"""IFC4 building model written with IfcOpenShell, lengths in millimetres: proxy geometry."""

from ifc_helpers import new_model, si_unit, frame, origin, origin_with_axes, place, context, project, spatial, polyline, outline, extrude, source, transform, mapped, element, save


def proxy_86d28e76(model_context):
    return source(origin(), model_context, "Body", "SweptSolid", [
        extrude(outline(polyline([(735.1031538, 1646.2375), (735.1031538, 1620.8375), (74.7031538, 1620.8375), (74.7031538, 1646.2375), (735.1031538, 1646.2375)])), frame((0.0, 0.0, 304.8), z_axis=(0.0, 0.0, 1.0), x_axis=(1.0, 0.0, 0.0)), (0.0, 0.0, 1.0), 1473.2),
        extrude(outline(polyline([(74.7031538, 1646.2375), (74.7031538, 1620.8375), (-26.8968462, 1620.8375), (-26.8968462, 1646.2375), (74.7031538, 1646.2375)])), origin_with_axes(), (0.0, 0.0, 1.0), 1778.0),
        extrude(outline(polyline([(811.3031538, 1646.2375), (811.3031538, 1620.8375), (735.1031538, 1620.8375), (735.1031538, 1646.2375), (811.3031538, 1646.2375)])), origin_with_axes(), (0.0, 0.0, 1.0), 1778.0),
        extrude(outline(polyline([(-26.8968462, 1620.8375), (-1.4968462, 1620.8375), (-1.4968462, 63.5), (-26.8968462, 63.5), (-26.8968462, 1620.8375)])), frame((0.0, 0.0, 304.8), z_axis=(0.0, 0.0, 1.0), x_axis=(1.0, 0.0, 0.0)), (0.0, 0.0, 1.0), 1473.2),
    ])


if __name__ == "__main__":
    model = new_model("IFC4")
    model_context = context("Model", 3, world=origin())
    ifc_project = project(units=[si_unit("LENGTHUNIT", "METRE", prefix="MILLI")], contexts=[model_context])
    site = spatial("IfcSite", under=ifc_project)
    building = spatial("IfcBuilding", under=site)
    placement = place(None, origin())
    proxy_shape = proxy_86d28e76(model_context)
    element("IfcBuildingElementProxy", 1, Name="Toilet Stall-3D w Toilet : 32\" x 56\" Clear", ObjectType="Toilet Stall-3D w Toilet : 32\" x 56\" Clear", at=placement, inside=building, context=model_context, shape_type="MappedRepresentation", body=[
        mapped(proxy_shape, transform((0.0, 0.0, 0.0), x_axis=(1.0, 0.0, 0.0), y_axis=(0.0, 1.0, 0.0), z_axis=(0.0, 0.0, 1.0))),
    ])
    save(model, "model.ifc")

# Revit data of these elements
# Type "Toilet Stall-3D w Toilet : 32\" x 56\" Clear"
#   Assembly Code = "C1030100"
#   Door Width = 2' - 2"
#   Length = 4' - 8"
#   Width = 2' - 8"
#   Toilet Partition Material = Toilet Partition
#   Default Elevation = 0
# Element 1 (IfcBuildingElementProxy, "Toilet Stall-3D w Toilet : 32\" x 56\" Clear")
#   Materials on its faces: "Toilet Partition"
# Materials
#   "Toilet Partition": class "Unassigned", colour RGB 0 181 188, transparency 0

***

== Task to carry out ==
Look through the listing and return each line containing the word "under".

== Solution to the exercise ==
    site = spatial("IfcSite", under=ifc_project)
    building = spatial("IfcBuilding", under=site)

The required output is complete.